U.S. Department of Energy Accelerates AI With SambaNova Systems
Scientific researchers are exploring ways to combine artificial intelligence (AI) and machine learning (ML) for running complex scientific workloads to gain better performance and efficiency. To solve this problem, the United States Department of Energy’s National Nuclear Security Administration (DOE/NNSA), Lawrence Livermore National Laboratory (LLNL), and Los Alamos National Laboratory (LANL) announced a strategic partnership. The cornerstone of this partnership agreement is multiple installations of SambaNova Systems DataScale™.
SambaNova DataScale is a complete, integrated software and hardware systems platform optimized for dataflow from algorithms to silicon. LLNL is coupling DataScale into its Corona supercomputing system. Initial focus has been on using DataScale for National Ignition Facility applications. Corona is primarily being used for COVID-19 drug discovery and LLNL plans to apply DataScale to this workload.
Improved Performance, Accuracy, and Productivity With SambaNova DataScale
SambaNova DataScale is improving overall performance, accuracy, and productivity for these demanding research institutions.
It’s no surprise, as SambaNova DataScale is designed for both efficient deep-learning inference and training calculations. It features the SambaFlow™ software stack and the world’s first Reconfigurable Dataflow Unit, the Cardinal SN10™ RDU. The system contains eight RDUs—each one capable of supporting multiple simultaneous jobs or working seamlessly together to execute large-scale models.
Ian Karlin is the principal HPC strategist at LLNL. After bringing SambaNova DataScale on-site in September, he has already reported that early tests have shown DataScale to be 5X or better when normalized against GPUs.
Karlin says DataScale was the right choice for LLNL for several reasons; chief among them was the integrated software and hardware systems and the ability to do both training and inference on one platform.

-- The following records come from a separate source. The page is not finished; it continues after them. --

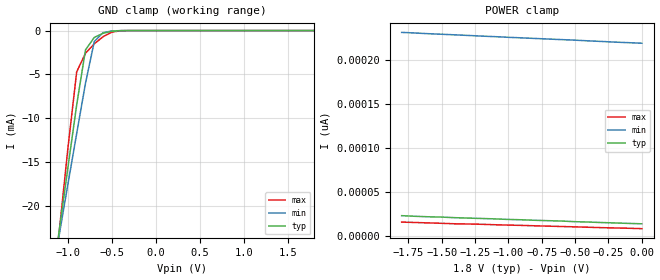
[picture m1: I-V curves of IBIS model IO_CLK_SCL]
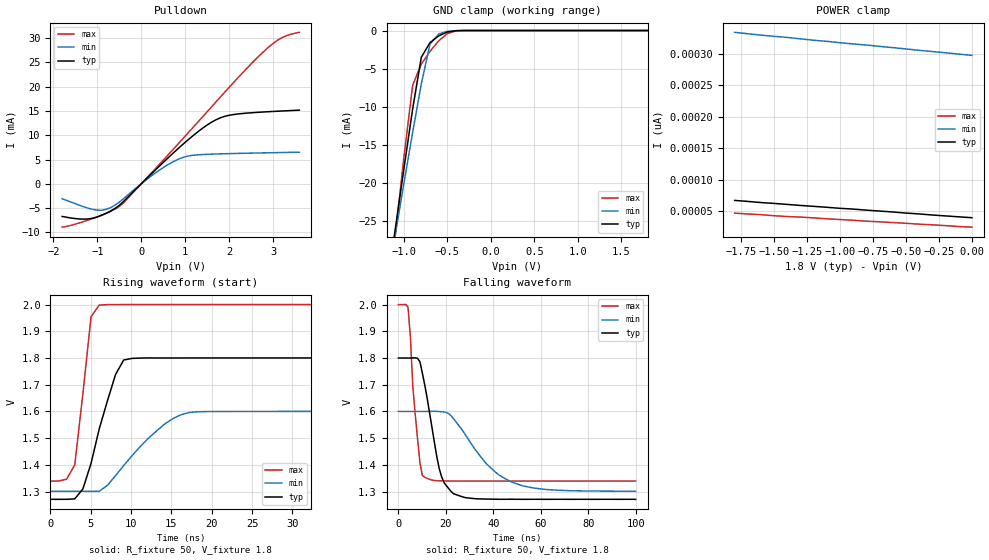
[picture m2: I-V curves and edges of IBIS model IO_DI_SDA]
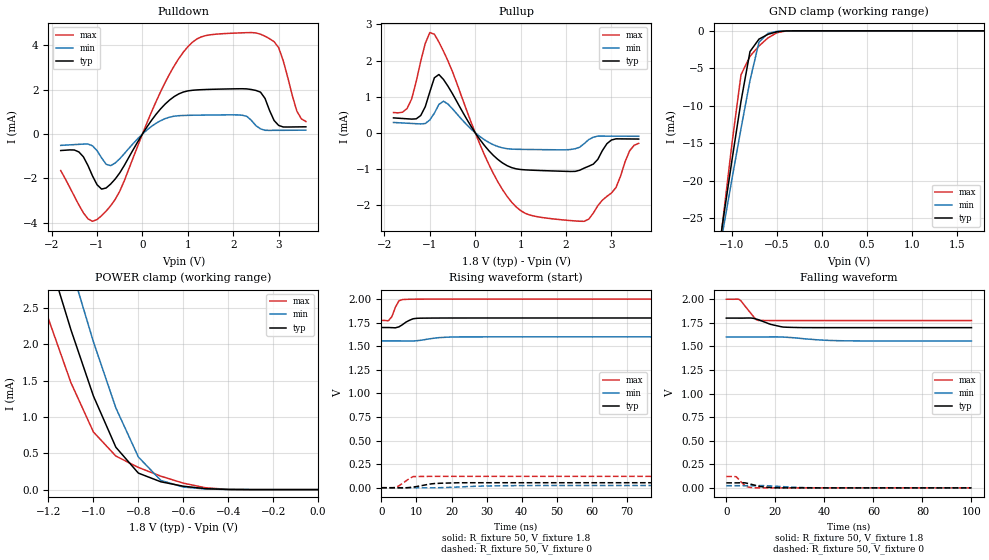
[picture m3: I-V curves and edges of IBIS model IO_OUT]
[IBIS Ver]   3.2
[Comment Char]   |_char
[File name]   rx6110sa_18v.ibs
[File Rev]   1.0
[Date]   2014/01/14 19:07:53
[Source]   This file orginated at SEIKO EPSON Corp.
[Copyright]
   Copyright 2013, SEIKO EPSON Corp.
[Component]   6110sa_18
[Manufacturer]   SEIKO EPSON Corp.
[Package]
| variable   typ   min   max
R_pkg   3.00m   NA   NA
L_pkg   3.70nH   NA   NA
C_pkg   0.70pF   NA   NA
[Pin] signal_name   model_name
1   CLK/SCL   IO_CLK_SCL
2   DI/SDA   IO_DI_SDA
3   DO/FOUT   IO_OUT
4   CE/FOE   IO_CE
5   SPISEL   IO_SPISEL
6   GND   GND
7   /IRQ2   IO_IRQ2
8   NC   NC
9   VBAT   POWER
10   VDD   POWER
11   VIO   POWER
12   /IRQ1   IO_NOD
13   NC   NC
14   NC   NC
| Models and submodels in the file (7): IO_CLK_SCL (Input), IO_DI_SDA (I/O_open_drain), IO_OUT (3-state), IO_CE (Input), IO_SPISEL (Input), IO_IRQ2 (3-state), IO_NOD (Open_drain)
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[Model]   IO_CLK_SCL
Model_type Input
Enable Active-Low
Polarity Non-Inverting
Vinh=1.26
Vinl=0.54
C_comp   2.5p   2p   3p
[Temperature Range] 25   85   -40
[Voltage Range]   1.8   1.6   2.0
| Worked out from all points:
|   GND clamp passes 1 mA (typ) near -0.72 V on its own axis
[GND Clamp]
-1.8V     -75.19mA   -65.43mA   -91.91mA
-1.1V     -22.89mA   -23.37mA   -23.06mA
-1V       -15.64mA   -17.52mA   -13.43mA
-900mV    -8.46mA    -11.72mA   -4.701mA
-800mV    -2.2mA     -5.996mA   -2.58mA
-700mV    -777.8uA   -1.246mA   -1.512mA
-600mV    -308.2uA   -237.4uA   -691.5uA
-500mV    -74.58uA   -42.13uA   -176.4uA
-400mV    -7.855uA   -4.907uA   -14.74uA
1.8V      13.7pA     219.9pA    7.39pA
[POWER Clamp]
-1.8V     22.96pA    230.9pA    15.69pA
-1.7V     22.28pA    230.2pA    15.23pA
-1.6V     21.71pA    229.4pA    14.78pA
-1.5V     21.37pA    228.8pA    14.32pA
-1.4V     20.69pA    228.1pA    13.76pA
-1.2V     19.78pA    226.7pA    13.19pA
-1.1V     19.33pA    226.1pA    12.68pA
-1V       18.7pA     225.3pA    12.28pA
-600mV    16.88pA    222.7pA    10.69pA
-500mV    16.14pA    222.1pA    10.29pA
-200mV    14.72pA    219.9pA    9.038pA
0V        13.76pA    218.6pA    8.242pA
[Model]   IO_DI_SDA
Model_type I/O_open_drain
Enable Active-Low
Polarity Non-Inverting
Vinh=1.26
Vinl=0.54
Vref=1.8
Vmeas=0.9
Rref=5000
C_comp   2.5p   2p   3p
[Temperature Range] 25   85   -40
[Voltage Range]   1.8   1.6   2.0
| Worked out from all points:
|   slope of the pulldown table from 0 to 0.27 V, typ, clamps not added: 113 ohm
|   GND clamp passes 1 mA (typ) near -0.63 V on its own axis
|   falling waveform, R_fixture 50, V_fixture 1.8: 20-80 % time 6.31ns typ, 16.5ns min, 3.25ns max; typ from 1.8 V to 1.27 V
|   rising waveform, R_fixture 50, V_fixture 1.8: 20-80 % time 2.89ns typ, 5.57ns min, 1.44ns max; typ from 1.27 V to 1.8 V
[Pulldown]
-1.8V     -6.712mA   -3.071mA   -8.913mA
-1.3V     -7.265mA   -4.749mA   -7.727mA
-1V       -6.813mA   -5.412mA   -6.785mA
-800mV    -6.068mA   -5.261mA   -6.079mA
-500mV    -4.43mA    -3.774mA   -4.657mA
300mV     2.653mA    2.091mA    2.898mA
800mV     6.924mA    4.885mA    7.817mA
1.4V      11.46mA    6.029mA    13.82mA
1.8V      13.58mA    6.164mA    17.84mA
3V        14.89mA    6.406mA    28.87mA
3.3V      15.03mA    6.458mA    30.46mA
3.6V      15.16mA    6.509mA    31.17mA
[GND Clamp]
-1.8V     -85.68mA   -77.18mA   -101.5mA
-1.1V     -26.07mA   -26.85mA   -26.94mA
-1V       -18.1mA    -20.02mA   -16.6mA
-900mV    -10.31mA   -13.38mA   -7.181mA
-800mV    -3.5mA     -6.992mA   -4.403mA
-700mV    -1.586mA   -1.78mA    -2.72mA
-600mV    -706.9uA   -462.6uA   -1.348mA
-500mV    -194.3uA   -99.1uA    -403.3uA
-400mV    -22.61uA   -12.12uA   -41.38uA
1.8V      39.62pA    301.7pA    22.28pA
[POWER Clamp]
-1.8V     67.19pA    334.1pA    46.95pA
-1.6V     63.78pA    329.7pA    44.57pA
-1.5V     62.41pA    327.8pA    42.86pA
-1.4V     60.82pA    326.1pA    41.61pA
-1.2V     57.75pA    321.6pA    39.45pA
-1.1V     56.27pA    319.8pA    38.03pA
-1V       54.63pA    317.6pA    36.83pA
-900mV    53.43pA    315.7pA    35.7pA
-800mV    51.73pA    313.9pA    34.22pA
-300mV    44pA       303.6pA    28.42pA
-100mV    41.15pA    299.6pA    25.75pA
0V        39.73pA    297.6pA    24.73pA
[Falling Waveform]
R_fixture=50
V_fixture=1.8
V_fixture_min=1.6
V_fixture_max=2.0
0s        1.8V       1.6V       2V
4.04ns    1.8V       1.6V       1.991V
6.061ns   1.8V       1.6V       1.696V
8.081ns   1.799V     1.6V       1.497V
9.091ns   1.786V     1.6V       1.407V
11.11ns   1.699V     1.6V       1.353V
17.17ns   1.388V     1.6V       1.34V
23.23ns   1.292V     1.573V     1.339V
47.47ns   1.271V     1.337V     1.339V
100ns     1.271V     1.301V     1.339V
[Rising Waveform]
R_fixture=50
V_fixture=1.8
V_fixture_min=1.6
V_fixture_max=2.0
0s        1.271V     1.301V     1.339V
2.02ns    1.271V     1.301V     1.346V
3.03ns    1.273V     1.301V     1.4V
5.051ns   1.405V     1.301V     1.955V
6.061ns   1.534V     1.301V     1.998V
8.081ns   1.738V     1.36V      2V
9.091ns   1.792V     1.397V     2V
14.14ns   1.8V       1.552V     2V
17.17ns   1.8V       1.596V     2V
100ns     1.8V       1.6V       2V
[Ramp]
R_load=50
dV/dt_r   3.174E-1/2.855E-9   1.793E-1/5.556E-9   3.964E-1/1.414E-9
dV/dt_f   3.174E-1/6.286E-9   1.792E-1/1.650E-8   3.964E-1/3.238E-9
|[End   IO_DI_SDA
[Model]   IO_OUT
Model_type 3-state
Enable Active-High
Polarity Non-Inverting
Vmeas=0.90
C_comp   2.5p   2p   3p
[Temperature Range] 25   85   -40
[Voltage Range]   1.8   1.6   2.0
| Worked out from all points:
|   slope of the pulldown table from 0 to 0.27 V, typ, clamps not added: 335 ohm
|   slope of the pullup table from 0 to 0.27 V, typ, clamps not added: 599 ohm
|   GND clamp passes 1 mA (typ) near -0.68 V on its own axis
|   POWER clamp passes 1 mA (typ) near -0.96 V on its own axis
|   falling waveform, R_fixture 50, V_fixture 1.8: 20-80 % time 7.15ns typ, NA min, 4.16ns max; typ from 1.8 V to 1.7 V
|   falling waveform, R_fixture 50, V_fixture 0: 20-80 % time 5.43ns typ, NA min, 2.83ns max; typ from 0.053 V to 0 V
|   rising waveform, R_fixture 50, V_fixture 1.8: 20-80 % time 2.69ns typ, NA min, 1.56ns max; typ from 1.7 V to 1.8 V
|   rising waveform, R_fixture 50, V_fixture 0: 20-80 % time 4.92ns typ, NA min, 2.81ns max; typ from 0 V to 0.053 V
[Pullup]
-1.8V     413.3uA    286.5uA    561.7uA
-1.5V     388.1uA    266uA      674.5uA
-1.2V     479.5uA    246.2uA    1.984mA
-1V       1.135mA    356.7uA    2.776mA
-900mV    1.524mA    543.7uA    2.731mA
-700mV    1.478mA    875.9uA    2.261mA
600mV     -833.9uA   -416.9uA   -1.572mA
1V        -1.016mA   -458.5uA   -2.155mA
1.6V      -1.052mA   -467.6uA   -2.367mA
2.5V      -924.6uA   -188.6uA   -2.391mA
3V        -199.5uA   -92.46uA   -1.668mA
3.6V      -172.6uA   -96.03uA   -292uA
[Pulldown]
-1.8V     -744.1uA   -511.6uA   -1.645mA
-1.2V     -1.419mA   -450uA     -3.823mA
-900mV    -2.482mA   -1.074mA   -3.68mA
-500mV    -1.752mA   -1.114mA   -2.578mA
700mV     1.689mA    804uA      3.073mA
1.4V      2.007mA    854.6uA    4.439mA
2.2V      2.041mA    847.2uA    4.561mA
2.6V      1.888mA    234uA      4.498mA
2.9V      608.2uA    165.3uA    4.161mA
3.1V      317.4uA    167.6uA    3.309mA
3.4V      320.6uA    171uA      1.036mA
3.6V      325.4uA    173.4uA    564.4uA
[GND Clamp]
-1.8V     -84.94mA   -76.24mA   -100.6mA
-1.2V     -33.65mA   -33.58mA   -35.52mA
-1.1V     -25.34mA   -26.62mA   -25.12mA
-1V       -17.22mA   -19.74mA   -14.99mA
-900mV    -9.404mA   -13.04mA   -5.869mA
-800mV    -2.766mA   -6.628mA   -3.399mA
-700mV    -1.108mA   -1.501mA   -2.022mA
-600mV    -467.2uA   -331.2uA   -944.2uA
-500mV    -123.2uA   -66.32uA   -251.8uA
-400mV    -14.38uA   -8.214uA   -22.27uA
1.8V      25.69pA    24.39nA    13.13pA
[POWER Clamp]
-1.8V     9.515mA    10.63mA    8.378mA
-1.3V     4.242mA    5.194mA    3.317mA
-1.2V     3.21mA     4.128mA    2.351mA
-1.1V     2.201mA    3.07mA     1.473mA
-1V       1.29mA     2.036mA    794.1uA
-900mV    583.1uA    1.124mA    461.8uA
-800mV    227.2uA    449.5uA    305.5uA
-700mV    107.6uA    126.8uA    185uA
-600mV    46.57uA    34.75uA    88.82uA
-500mV    12.68uA    8.521uA    25.07uA
-400mV    1.719uA    1.484uA    2.421uA
0V        25.86pA    267.4pA    16.26pA
[Falling Waveform]
R_fixture=50
V_fixture=1.8
V_fixture_min=1.6
V_fixture_max=2.0
0s        1.8V       1.6V       2V
5.051ns   1.8V       1.6V       2V
6.061ns   1.8V       1.6V       1.981V
10.1ns    1.801V     1.6V       1.848V
12.12ns   1.79V      1.6V       1.785V
13.13ns   1.783V     1.6V       1.775V
18.18ns   1.733V     1.601V     1.774V
24.24ns   1.704V     1.597V     1.774V
46.46ns   1.699V     1.56V      1.774V
100ns     1.699V     1.557V     1.774V
[Falling Waveform]
R_fixture=50
V_fixture=0
V_fixture_min=0
V_fixture_max=0
0s        52.88mV    23.36mV    120.3mV
4.04ns    52.83mV    23.37mV    118mV
6.061ns   54.11mV    23.36mV    60.91mV
8.081ns   50.96mV    23.35mV    16.4mV
10.1ns    38.07mV    23.4mV     3.78mV
12.12ns   24.5mV     23.8mV     238.5uV
15.15ns   9.607mV    23.98mV    99.72uV
21.21ns   297.5uV    15.58mV    4.292uV
37.37ns   2.958uV    511.9uV    0V
100ns     0V         -26.06uV   0V
[Rising Waveform]
R_fixture=50
V_fixture=1.8
V_fixture_min=1.6
V_fixture_max=2.0
0s        1.699V     1.557V     1.774V
2.02ns    1.699V     1.557V     1.77V
3.03ns    1.697V     1.557V     1.815V
4.04ns    1.696V     1.557V     1.916V
5.051ns   1.706V     1.557V     1.983V
7.071ns   1.757V     1.556V     1.998V
9.091ns   1.792V     1.556V     1.999V
12.12ns   1.798V     1.569V     2V
20.2ns    1.8V       1.599V     2V
100ns     1.8V       1.6V       2V
[Rising Waveform]
R_fixture=50
V_fixture=0
V_fixture_min=0
V_fixture_max=0
0s        0V         0V         0V
4.04ns    -73.17uV   936.3nV    3.023mV
5.051ns   -751.5uV   14.86uV    20.81mV
8.081ns   2.632mV    32.05uV    98.73mV
9.091ns   6.924mV    -116.7uV   118.2mV
15.15ns   44.25mV    -586.8uV   120.5mV
22.22ns   52.64mV    8.175mV    120.3mV
29.29ns   52.88mV    17.86mV    120.3mV
39.39ns   52.88mV    22.52mV    120.3mV
100ns     52.87mV    23.37mV    120.3mV
[Ramp]
R_load=50
dV/dt_r   3.172E-2/4.868E-9   1.402E-2/1.045E-8   7.219E-2/2.793E-9
dV/dt_f   6.070E-2/7.148E-9   2.574E-2/1.250E-8   1.357E-1/4.163E-9
|[End   IO_OUT

Computer scientist and LLNL Informatics Group Leader, Brian Van Essen explains, “We selected SambaNova for this procurement because one of the key features they have is the ability to do training and inference on small batch sizes. Inference at small scales is key; training on small batches is important for retraining and fine-tuning models. That’s something we’ll be doing.” He also cites “maturity of the programming model and the team’s expertise with the software stack” as a crucial aspect of the LLNL’s two-year engagement with SambaNova.
Over at LANL, the first application targeted for acceleration with DataScale is modeling quantum chemistry with density-functional theory (DFT)-level accuracy. LANL has developed a workflow for building machine learning models of interatomic energies and forces to enable molecular dynamics (MD) simulations with high accuracy in a computationally efficient manner. These ML models are very faithful to DFT reference calculations and enable reactive chemistry from first principles in support of materials science, chemistry, molecular biology, and drug design.
As reported, these calculations currently run on GPU hardware and are showing further promise of acceleration with the SambaNova DataScale system. An ongoing collaboration between SambaNova Systems and LANL scientists suggests the possibility of up to 5X speedup compared to the existing GPU implementation.
Exploring Breakthrough Advances
LLNL researchers are using SambaNova DataScale to continue exploring the combination of high-performance computing (HPC) and AI, an innovative effort LLNL calls “cognitive simulation” (CogSim). Researchers said the two systems working in tandem will enable more streamlined computation and allow them to move applications into this new computing model.
SambaNova DataScale’s ability to run dozens of inference models at once while performing scientific calculations on the Corona system will aid in their quest to use machine learning to accelerate key applications.
According to LLNL researchers, SambaNova DataScale will be used in the small molecule drug design work being applied to COVID-19 at LLNL, as well as to cancer through the ATOM (Accelerating Therapeutics for Opportunities in Medicine) project. Recent work has produced a machine learning model to improve COVID-19 drug design that uses small batch training. This is important for this type of model that converges best at small batches. SambaNova DataScale has the capability for efficient small batch training—a key differentiating feature that sets it apart from GPUs. This work will be integrated into drug design loops that generate new potential compounds that then are evaluated for safety and efficacy using HPC simulations on the Corona system.
LLNL’s COVID-19 machine learning model is a finalist for the Gordon Bell Special Prize for High Performance Computing-Based COVID-19 Research, which will be announced on Nov. 19.
The AI research taking place at labs such as LLNL and LANL is not unique to the public sector. Using similar techniques, forward-thinking enterprises are advancing their own AI initiatives and making significant progress.
Here at SambaNova Systems, we’re excited about the collaboration with DOE/NNSA, LLNL, and LANL. “SambaNova Systems is providing the platform for innovation to enable visionaries to achieve breakthrough advancements in their domains,” says Rodrigo Liang, our co-founder, and CEO.
Our partnership with the U.S. Department of Energy is just one example of how we are enabling this.